Task prompt: Where the listing below has a line with "rect 65.04x5.08 on", write out exactly that line and every line after it, stopping after the line with "rect 11.43x3.048 on".

Source records:

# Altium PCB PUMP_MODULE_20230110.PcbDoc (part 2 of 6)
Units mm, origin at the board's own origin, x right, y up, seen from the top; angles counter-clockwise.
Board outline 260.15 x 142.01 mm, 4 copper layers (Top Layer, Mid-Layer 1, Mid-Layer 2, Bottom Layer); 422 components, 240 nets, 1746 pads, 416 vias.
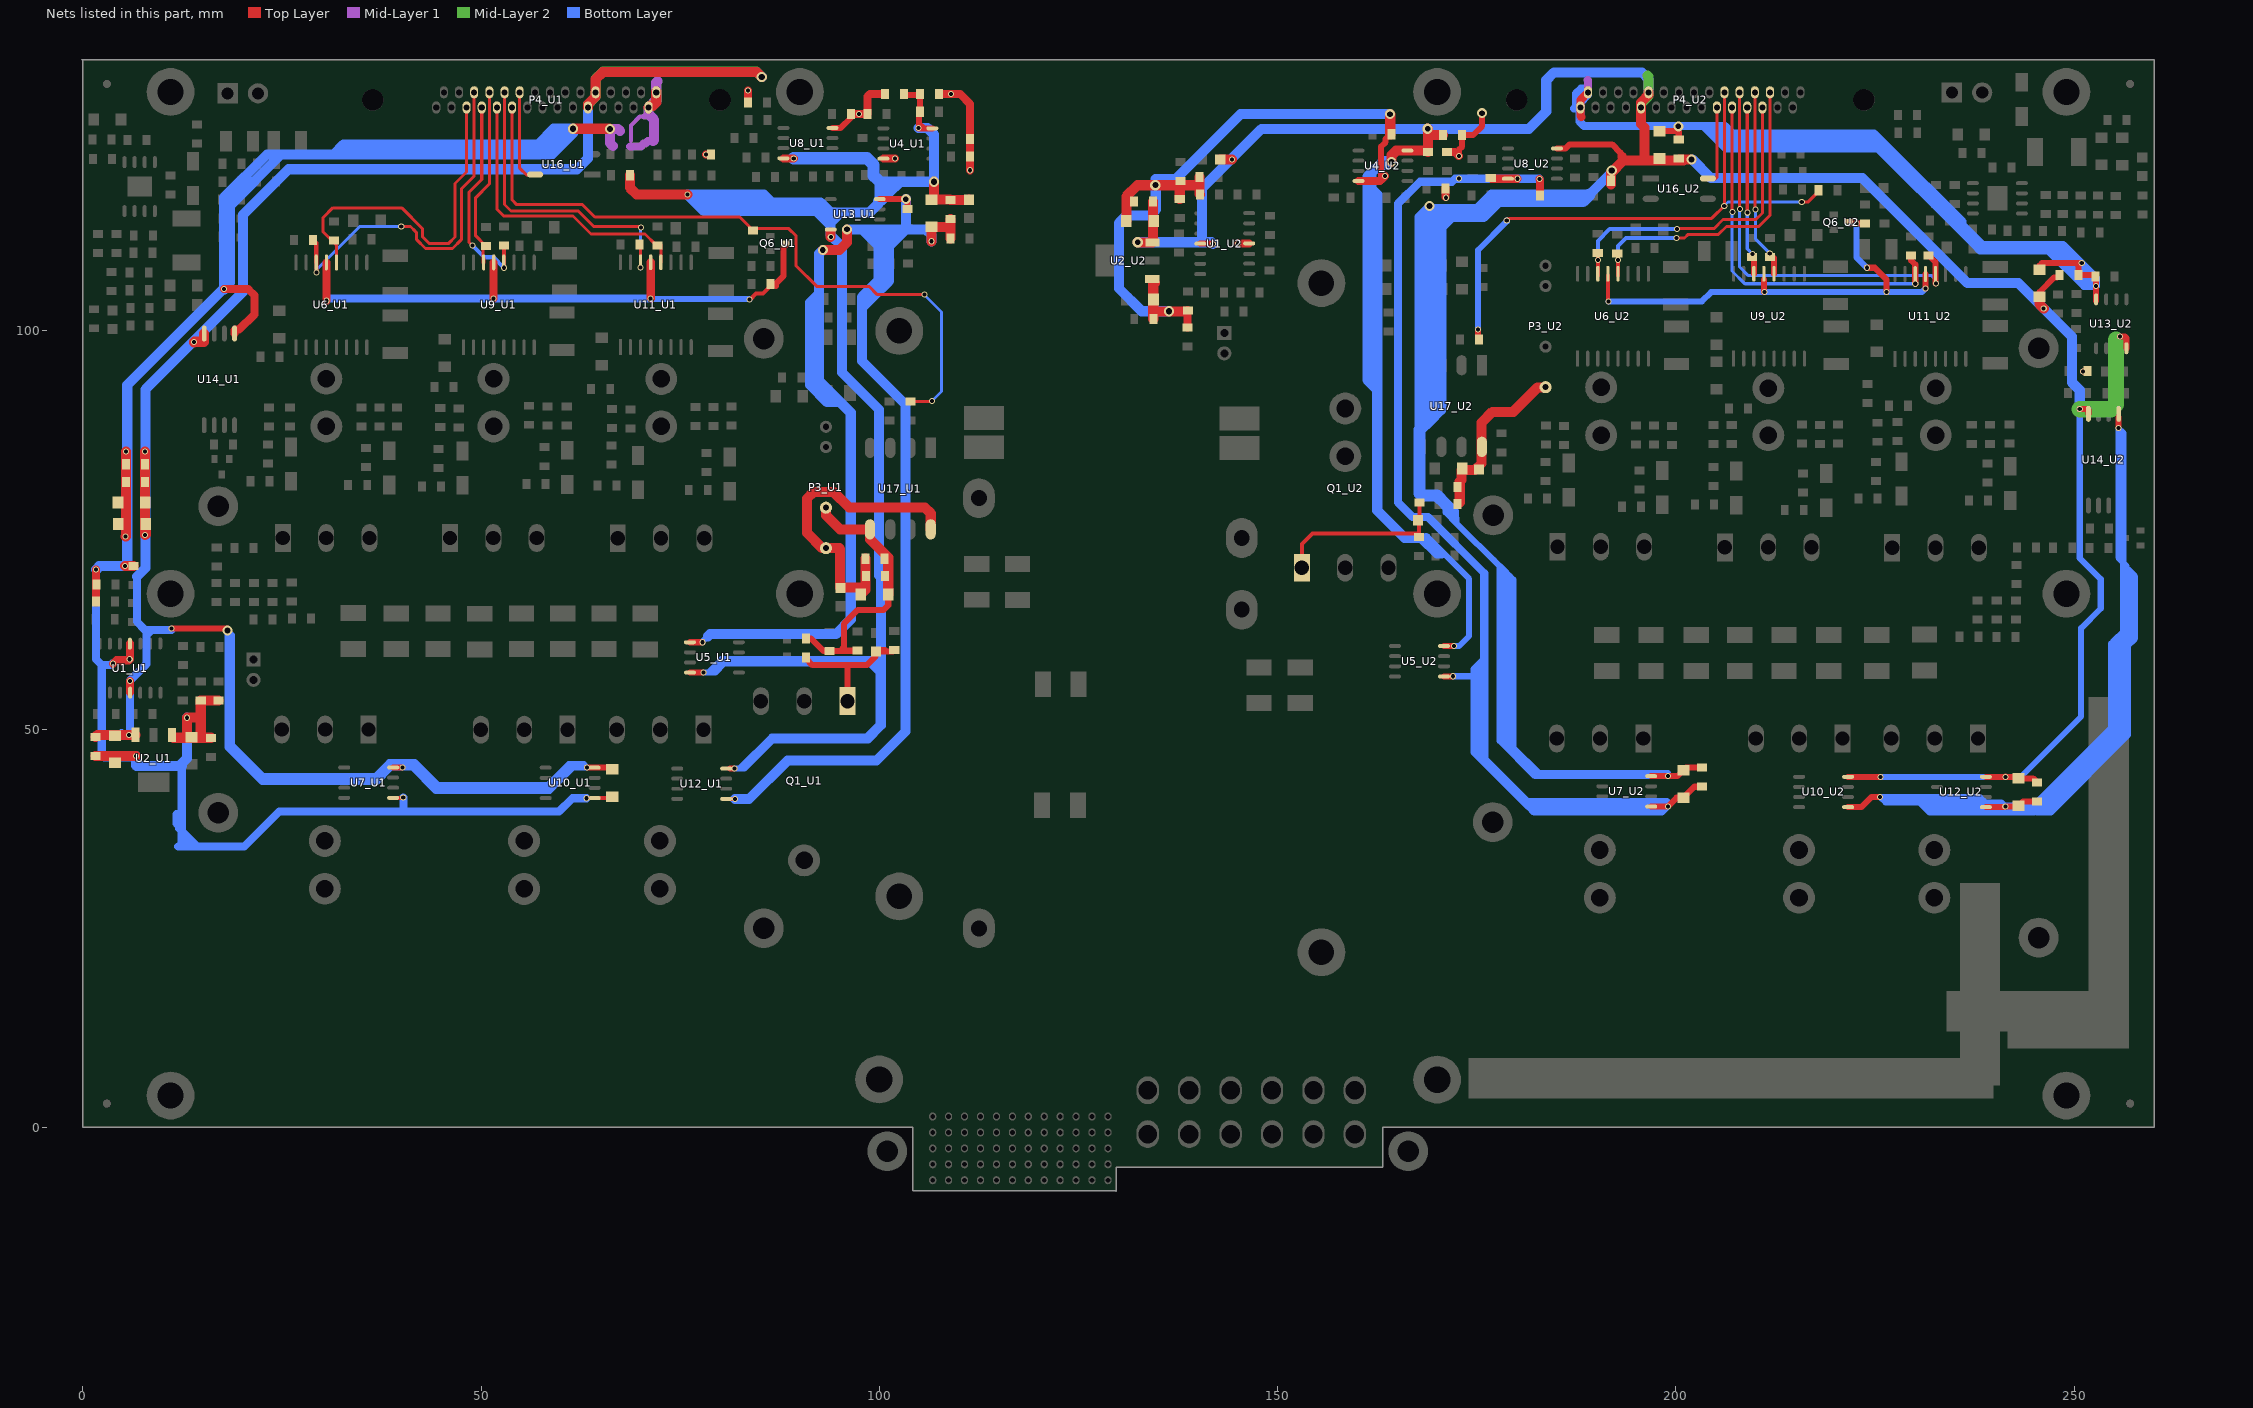
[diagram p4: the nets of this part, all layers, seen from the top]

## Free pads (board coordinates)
  rect 2.54x2.54 on Top Solder: 0(30.302,69.52) 0(51.587,69.596) 0(72.466,69.723) ""(161.417,9.855)
  rect 4.572x5.08 on Bottom Solder: 1(153.619,63.475) 1(190.221,54.534) 11(30.734,60.63) 11(30.759,55.448)
  rect 5.08x10.16 on Bottom Solder: 1(191.745,60.528) 1(195.301,64.186) 6(204.14,24.384) 6(204.14,33.35) 6(204.14,43.104) 7(243.713,85.573) 7(243.713,87.63)
  rect 5.08x8.89 on Bottom Solder: 1(224.714,58.268) 1(224.714,63.627) 1(234.315,58.42) 1(234.315,61.316) 1(236.957,63.957)
  rect 5.08x11.43 on Bottom Solder: 2(203.733,60.604) 2(204.14,53.467) 2(204.14,60.604) 2(213.411,60.274) 2(216.306,63.602)
  rect 5.08x3.81 on Bottom Solder: 3(232.664,54.077) 12(83.642,36.754) 12(91.999,40.869) 12(93.396,40.869) 12(98.273,40.869)
  rect 2.54x2.032 on Bottom Solder rot 135: 4(41.478,80.239) 4(41.656,80.797) 4(62.459,81.382) 4(201.016,79.832) 4(222.301,78.892) 4(224.231,68.224)
  rect 5.08x2.54 on Bottom Solder rot 45: 4(42.088,33.071)
  rect 5.08x3.81 on Bottom Solder rot 45: 4(191.11,57.455) 4(191.643,55.55) 4(192.329,66.091) 4(194.716,58.623) 4(214.071,66.091)
  rect 2.54x3.81 on Bottom Solder rot 135: 4(201.371,36.601) 4(216.56,54.254)
  rect 2.54x3.81 on Bottom Solder rot 45: 4(203.632,66.726) 4(213.106,54.153) 4(214.935,54.559) 4(224.765,54.534)
  rect 4.572x2.54 on Bottom Solder: 4(215.494,53.061) 11(75.082,68.275) 11(76.708,69.825)
  rect 2.54x3.81 on Bottom Solder: 4(216.51,56.007) 4(217.576,56.236)
  rect 2.54x2.54 on Bottom Solder rot 45: 4(222.453,85.7)
  rect 2.54x2.032 on Bottom Solder rot 45: 4(231.775,56.159) 4(234.264,64.059) 4(235.229,53.823) 4(235.509,68.047) 4(236.906,55.499) 4(237.871,59.334)
  rect 3.81x2.032 on Bottom Solder rot 45: 4(233.858,66.396)
  rect 3.81x2.032 on Bottom Solder: 4(237.592,68.656)
  rect 3.81x10.16 on Bottom Solder: 7(19.863,24.917) 7(70.891,61.341)
  rect 2.54x10.16 on Bottom Solder: 7(41.123,85.496) 7(41.123,94.386) 7(42.012,65.405) 7(42.012,75.54) 7(61.849,85.928) 7(61.849,94.437) 7(221.945,84.15) 7(221.945,89.789) 7(221.945,93.878) ""(163.728,8.204) ""(164.846,8.179)
  rect 2.032x8.89 on Bottom Solder: 7(41.758,53.213) 7(41.758,56.947) 7(42.266,53.061) 7(42.266,56.947) 7(44.247,53.162) 7(44.247,56.947) 7(44.247,65.202) 7(64.465,59.512) 7(64.745,64.719)
  rect 2.032x10.16 on Bottom Solder: 7(63.144,66.015) 7(63.144,76.175) 7(63.246,60.147) 7(202.184,65.913) 7(202.184,75.971) 7(223.19,72.771) 7(223.19,80.62) 7(226.238,57.379) 7(243.967,65.71)
  rect 3.302x10.16 on Bottom Solder: 7(200.914,85.014) 7(200.914,89.764) 7(200.914,93.751) 7(244.602,75.413)
  rect 3.302x7.62 on Bottom Solder: 7(236.855,59.461) 7(244.602,58.674)
  rect 4.572x10.16 on Bottom Solder: 10(30.251,58.014) 10(30.251,62.941) 10(34.595,65.888) 10(34.646,61.798) 10(52.299,61.468) 10(55.829,58.166) 10(55.829,65.837)
  rect 4.572x5.08 on Bottom Solder rot 135: 11(32.283,67.361) 11(33.198,56.667) 11(53.492,66.548)
  rect 4.572x5.08 on Bottom Solder rot 45: 11(53.442,56.515)
  rect 4.572x2.54 on Bottom Solder rot 45: 11(73.508,64.872) 11(76.479,67.843)
  rect 3x4.572 on Bottom Solder: 12(70.485,55.448)
  rect 4.572x4.572 on Bottom Solder rot 135: 12(72.796,66.243) 12(74.447,67.894)
  rect 3.81x5.08 on Bottom Solder: 12(83.007,33.35)
  rect 3.302x6.35 on Bottom Solder rot 135: 12(84.607,35.585) 12(87.274,38.252) 12(88.367,39.345)
  rect 4.572x7.112 on Bottom Solder: 12(91.897,21.971)
  rect 4.572x7.112 on Bottom Solder rot 135: 12(92.227,21.184) 12(93.802,26.391)
  rect 12.192x4.572 on Bottom Solder: 12(94.132,39.04)
  rect 4.572x7.112 on Bottom Solder rot 45: 12(95.225,37.211)
  rect 4.572x2 on Bottom Solder: 13(72.263,54.153)
  rect 4.572x2.54 on Bottom Solder rot 135: 14(71.933,55.855)
  round 1.016 smd: ""(3.025,3) ""(3.025,131) ""(257.025,3) ""(257.025,131)
  round 1.016 smd far side: ""(3.025,3) ""(3.025,131) ""(257.025,3) ""(257.025,131)
  round 6 hole 3.3: ""(11.025,4) ""(11.025,67) ""(11.025,130) ""(90.025,67) ""(90.025,130) ""(99.975,6.025) ""(170.025,6) ""(170.025,67) ""(170.025,130) ""(249.025,4) ""(249.025,67) ""(249.025,130)
  round 5 hole 2.7: ""(17,39.5) ""(17,78) ""(85.5,25) ""(85.5,99) ""(177.016,38.335) ""(177.041,76.83) ""(245.541,23.83) ""(245.541,97.83)
  rect 4.064x21.59 on Top Solder: ""(19.38,13.056) ""(19.38,23.495) ""(22.504,13.005) ""(22.555,31.115) ""(22.606,35.89) ""(37.008,26.111)
  rect 1.27x3.048 on Top Solder rot 135: ""(20.244,34.773) ""(188.798,68.174) ""(208.128,52.324) ""(209.956,68.174) ""(211.861,53.289) ""(228.981,53.238) ""(230.734,68.021) ""(234.848,55.118)
  rect 2.032x3.048 on Top Solder: ""(21.59,48.006) ""(21.59,50.495) ""(155.524,65.126)
  rect 2x3.81 on Top Solder: ""(22.25,49.53) ""(81.788,53.619)
  rect 2.032x3.5 on Top Solder rot 45: ""(22.682,47.193)
  rect 5.08x10.16 on Bottom Solder rot 45: ""(23.419,18.313) ""(47.295,19.101)
  rect 1.524x4.572 on Top Solder rot 135: ""(23.698,52.73)
  rect 3.048x2.032 on Top Solder: ""(26.314,53.873) ""(41.859,53.365) ""(47.549,53.289) ""(155.016,60.604) ""(185.395,52.172) ""(202.362,52.756) ""(203.378,51.714) ""(204.419,52.756) ""(205.969,51.714) ""(207.442,52.756)
  rect 2.032x3.81 on Top Solder rot 135: ""(27.33,55.524) ""(46.99,51.664) ""(48.666,53.34) ""(52.934,55.753) ""(68.58,54.889)
  rect 2.032x3.048 on Top Solder rot 135: ""(28.194,54.661) ""(49.936,69.063) ""(70.841,69.215) ""(100.838,49.581) ""(116.484,75.311) ""(149.301,61.824) ""(154.381,64.795) ""(186.411,53.34) ""(187.223,53.01)
  rect 3.048x3.81 on Top Solder: ""(29.642,41.224) ""(29.667,45.466) ""(54.788,41.046) ""(54.813,45.161) ""(71.476,41.123) ""(71.476,45.441) ""(138.43,10.82)
  rect 1.27x3.048 on Top Solder rot 45: ""(30.277,40.97) ""(33.858,38.684) ""(35.23,38.329) ""(55.575,40.792) ""(58.801,38.659) ""(60.147,38.532) ""(72.314,40.742) ""(75.971,38.583) ""(77.064,38.481) ""(192.43,68.25) ""(201.219,52.222) ""(208.102,53.264) ""(213.157,68.301) ""(225.171,53.264) ""(233.909,68.097)
  round 4 hole 2.2: ""(30.399,35.962) ""(30.585,88) ""(51.566,88) ""(55.393,35.962) ""(72.462,35.962) ""(72.623,88) ""(158.5,84.256) ""(190.456,34.83) ""(190.606,86.898) ""(211.612,86.898) ""(215.456,34.83) ""(232.456,34.83) ""(232.618,86.898)
  rect 10.16x3.81 on Top Solder: ""(30.759,55.601) ""(37.897,55.601) ""(47.219,55.601)
  rect 2.032x3.048 on Top Solder rot 45: ""(31.852,68.986) ""(53.213,69.063) ""(74.092,69.215) ""(79.451,63.805) ""(100.584,43.79)
  rect 3.048x1.016 on Top Solder: ""(32.385,39.827) ""(33.909,39.827) ""(57.683,39.649) ""(59.182,39.649) ""(73.863,39.726) ""(76.53,39.726)
  rect 3.048x5.08 on Top Solder rot 45: ""(36.195,37.592)
  rect 3.81x6.35 on Top Solder rot 45: ""(38.557,14.453)
  rect 5.08x10.16 on Bottom Solder rot 135: ""(39.294,19.406) ""(99.543,37.059) ""(106.451,44.348) ""(116.789,73.406)
  rect 2.032x3.81 on Top Solder rot 45: ""(40.513,53.467) ""(42.316,51.689) ""(64.262,54.889)
  rect 5.08x15.24 on Bottom Solder: ""(41.758,25.527) ""(95.377,17.882) ""(201.625,28.55)
  rect 50.8x10.16 on Bottom Solder: ""(43.358,15.342) ""(67.894,15.342)
  rect 5.08x25.4 on Bottom Solder: ""(44.298,23.139)
  rect 38.1x3.048 on Top Solder: ""(44.729,56.464) ""(53.975,56.464)
  rect 3.81x20.32 on Top Solder: ""(44.806,30.378) ""(44.806,47.295)
  rect 66.04x5.08 on Bottom Solder: ""(50.902,5.156) ""(207.137,5.969)
  rect 55.88x3.048 on Top Solder: ""(56.972,68.072)
  rect 65.04x5.08 on Bottom Solder: ""(57.81,5.232)
  rect 39.37x3.81 on Top Solder: ""(59.131,12.446) ""(85.192,18.898) ""(96.596,12.446) ""(109.626,12.446) ""(112.37,18.898)
  rect 3.048x4.064 on Top Solder rot 45: ""(61.011,37.694)
  rect 4.064x13.97 on Top Solder: ""(61.29,30.48)
  rect 3.81x8.89 on Top Solder rot 45: ""(63.779,21.717)
  rect 3.81x12 on Top Solder rot 45: ""(65.659,23.647)
  rect 3.048x2.286 on Top Solder: ""(66.421,53.975)
  rect 2.032x2.54 on Top Solder: ""(77.47,36.779)
  rect 2.54x3.81 on Top Solder: ""(77.724,36.5)
  rect 3.048x3.81 on Top Solder rot 45: ""(78.334,37.821)
  rect 11.43x3.048 on Top Solder: ""(79.019,65.202) ""(79.451,65.202) ""(84.099,38.024) ""(94.132,38.024) ""(102.057,38.024)
  rect 10.16x3.048 on Top Solder: ""(79.985,65.202)
  rect 8.89x3.048 on Top Solder: ""(81.636,36.093)
  rect 5.588x7.62 on Top Solder: ""(82.601,65.811)
  rect 3.048x3.81 on Top Solder rot 135: ""(86.36,37.008)
  rect 3.302x3.81 on Top Solder rot 45: ""(95.123,36.627) ""(118.542,30.15)
  rect 3.81x15.24 on Bottom Solder: ""(95.885,30.785) ""(96.012,27.737)
  rect 15.24x5.08 on Top Solder: ""(96.774,46.711) ""(169.469,50.749) ""(242.875,55.474) ""(249.377,55.499)
  rect 11.43x3.81 on Top Solder: ""(101.016,36.017)
  rect 7.62x12.7 on Top Solder rot 135: ""(107.772,52.553)
  rect 15.24x7.62 on Bottom Solder: ""(108.001,38.964) ""(143.281,57.633)
  rect 15.24x8.89 on Top Solder: ""(108.179,46.126) ""(109.982,46.126)
  rect 4.064x8.89 on Top Solder rot 45: ""(108.712,34.95) ""(126.314,73.228) ""(140.233,51.765) ""(152.806,44.12)
  rect 8.89x40.64 on Bottom Solder: ""(111.125,55.448)
  rect 8.89x20.32 on Top Solder: ""(113.182,53.289)
  rect 10.668x2.032 on Top Solder: ""(116.078,74.041) ""(124.816,74.092) ""(149.504,60.604)
  rect 19.05x4.572 on Top Solder: ""(119.939,32.639) ""(127.762,26.289) ""(127.762,28.372) ""(133.858,26.213) ""(133.858,30.505)
  rect 15.24x15.24 on Bottom Solder: ""(121.107,13.233)
  rect 2.032x3.81 on Bottom Solder rot 45: ""(124.257,5.385) ""(128.27,4.293) ""(129.337,3.226) ""(131.648,0.914) ""(230.327,11.836) ""(251.384,29.185) ""(256.413,19.888)
  rect 7.62x15.24 on Bottom Solder rot 135: ""(124.612,22.885) ""(139.802,43.688) ""(149.479,57.937)
  rect 2.032x3.81 on Bottom Solder: ""(125.705,5.029) ""(127.711,5.029)
  rect 22.86x8.89 on Top Solder: ""(127.61,78.537)
  rect 20.32x7.62 on Bottom Solder: ""(128.219,74.905) ""(128.245,78.715) ""(132.105,74.574) ""(132.105,78.715) ""(163.576,31.115)
  rect 2.54x10.16 on Bottom Solder rot 135: ""(129.769,11.024) ""(149.479,50.241) ""(155.702,62.814) ""(168.097,10.846) ""(241.884,9.042)
  rect 3.048x5 on Top Solder rot 45: ""(129.972,11.506)
  rect 2.54x1.27 on Top Solder: ""(131.877,9.296) ""(132.817,9.296) ""(190.602,68.377) ""(190.602,69.24) ""(209.956,52.375) ""(211.607,68.377) ""(211.633,69.418) ""(227.076,52.349) ""(232.613,69.037) ""(232.639,68.123)
  rect 1.27x2.54 on Top Solder rot 45: ""(132.359,10.363)
  rect 11.43x43.18 on Top Solder: ""(133.299,60.452)
  rect 15.24x50.8 on Bottom Solder: ""(133.756,36.017)
  rect 3.048x11.43 on Top Solder rot 45: ""(134.772,15.621)
  rect 4.572x22.86 on Top Solder rot 45: ""(135.458,25.248)
  rect 20.32x15.24 on Bottom Solder: ""(138.1,53.848)
  rect 3.032x5.048 on Top Solder rot 135: ""(139.573,77.267)
  rect 3.81x8.382 on Top Solder rot 45: ""(140.741,24.155)
  rect 3.81x6.35 on Top Solder: ""(141.478,23.114) ""(161.569,54.966)
  rect 20.32x8.89 on Top Solder: ""(141.681,45.999)
  rect 20.32x3.81 on Top Solder: ""(142.062,40.716) ""(162.128,40.716)
  rect 9.652x5.08 on Top Solder: ""(143.256,80.442)
  rect 3.048x10.16 on Top Solder: ""(143.535,13.818) ""(143.535,17.577)
  rect 15.32x7.62 on Bottom Solder: ""(147.93,54.508)
  rect 3.81x19.05 on Top Solder: ""(149.377,18.11)
  rect 3.81x8.382 on Top Solder rot 135: ""(151.841,28.88)
  rect 7.62x5.08 on Top Solder: ""(152.73,62.967)
  rect 2.54x5.08 on Top Solder: ""(154.889,11.151)
  rect 2.54x5.08 on Bottom Solder: ""(156.286,63.17)
  rect 7.62x15.32 on Bottom Solder: ""(157.607,58.369)
  rect 1x1 on Top Solder: ""(158.979,9.093) ""(159.69,9.093) ""(161.214,11.278) ""(167.081,9.119)
  rect 3.302x13.462 on Top Solder rot 135: ""(159.614,16.662) ""(161.874,18.898)
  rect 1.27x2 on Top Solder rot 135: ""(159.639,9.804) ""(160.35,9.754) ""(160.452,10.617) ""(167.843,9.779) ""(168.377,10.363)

Exercise solution:
  rect 65.04x5.08 on Bottom Solder: ""(57.81,5.232)
  rect 39.37x3.81 on Top Solder: ""(59.131,12.446) ""(85.192,18.898) ""(96.596,12.446) ""(109.626,12.446) ""(112.37,18.898)
  rect 3.048x4.064 on Top Solder rot 45: ""(61.011,37.694)
  rect 4.064x13.97 on Top Solder: ""(61.29,30.48)
  rect 3.81x8.89 on Top Solder rot 45: ""(63.779,21.717)
  rect 3.81x12 on Top Solder rot 45: ""(65.659,23.647)
  rect 3.048x2.286 on Top Solder: ""(66.421,53.975)
  rect 2.032x2.54 on Top Solder: ""(77.47,36.779)
  rect 2.54x3.81 on Top Solder: ""(77.724,36.5)
  rect 3.048x3.81 on Top Solder rot 45: ""(78.334,37.821)
  rect 11.43x3.048 on Top Solder: ""(79.019,65.202) ""(79.451,65.202) ""(84.099,38.024) ""(94.132,38.024) ""(102.057,38.024)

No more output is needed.